Just last week, Enable signed a deal with CenterPoint under which the Houston energy giant purchased $363 million of preferred equity to help fund its stake in the Oklahoma partnership. Enable will repay the notes set to mature in 2017 back to CenterPoint, once the expected deal is approved by Enable’s board directors by the end of the first quarter.
In response to declining the lack of activity among natural gas drillers, Enable has reduced its capital expansion plans for fiscal 2016 by 66% to only $375 million. As part of the planned capital reduction, Enable is delaying a new 200 million cubic feet per day (MMcf/d) natural gas processing plant in Oklahoma’s Anadarko Basin until late 2017.
“I believe these announcements are an effective response to today’s challenging market conditions,” said Enable President and CEO Rod Sailor.
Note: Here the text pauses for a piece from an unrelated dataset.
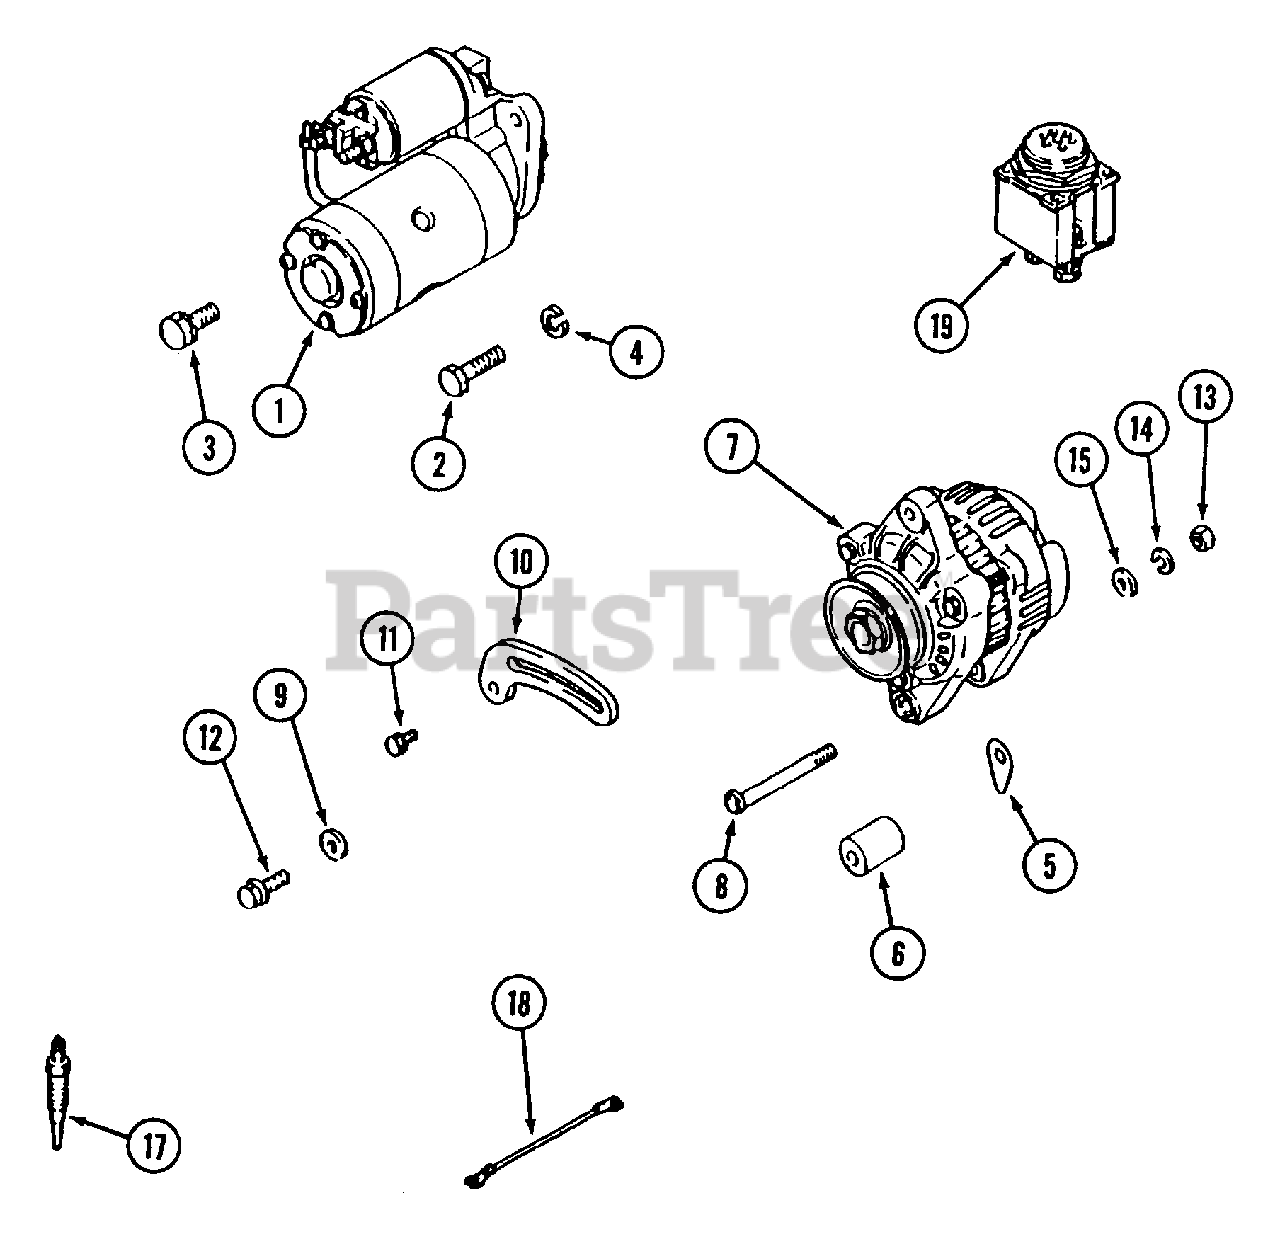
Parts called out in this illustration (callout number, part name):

On the regulated side of the business, CenterPoint serves as the holding company for natural gas utilities in Arkansas, Oklahoma, Louisiana, Texas and Minnesota. Those utilities produced $265 million of operating income for CenterPoint in the third quarter of 2015, compared with $233 million for the same quarter of the prior year.
In November, CenterPoint Energy Arkansas filed an application with the Arkansas Public Service Commission (APSC) to change the company’s natural gas distribution rates that will push up the average residential customer’s bill by $6.68 per month.
Arkansas’ largest gas utility has nearly 430,000 residential, commercial and industrial customers across the state. If the PSC approves the filing, CenterPoint expects the new rates would go into effect in the third quarter of 2016 and would generate approximately $35.6 million in additional revenue each year. The effect on individual monthly bills will vary depending on natural gas use and customer class, officials said.
Like other major corporations that own income-producing real estate or assets, including retailers, department store chains and telecom companies, utility operators are also exploring the use of REIT structures to take money-losing assets off the books and offer favorable tax benefits to investors seeking higher dividends. Such a deal, however, would have to be approved by Arkansas utility regulators.
CenterPoint officials said there can be no assurances either of its strategic reviews involving Enable and the company’s utility business leads to any specific action or deals. The Houston-based energy giant also said it does not intend to disclose further developments on Enable or the utility business unless its board of director approves a specific action in consultation with its financial and legal advisors.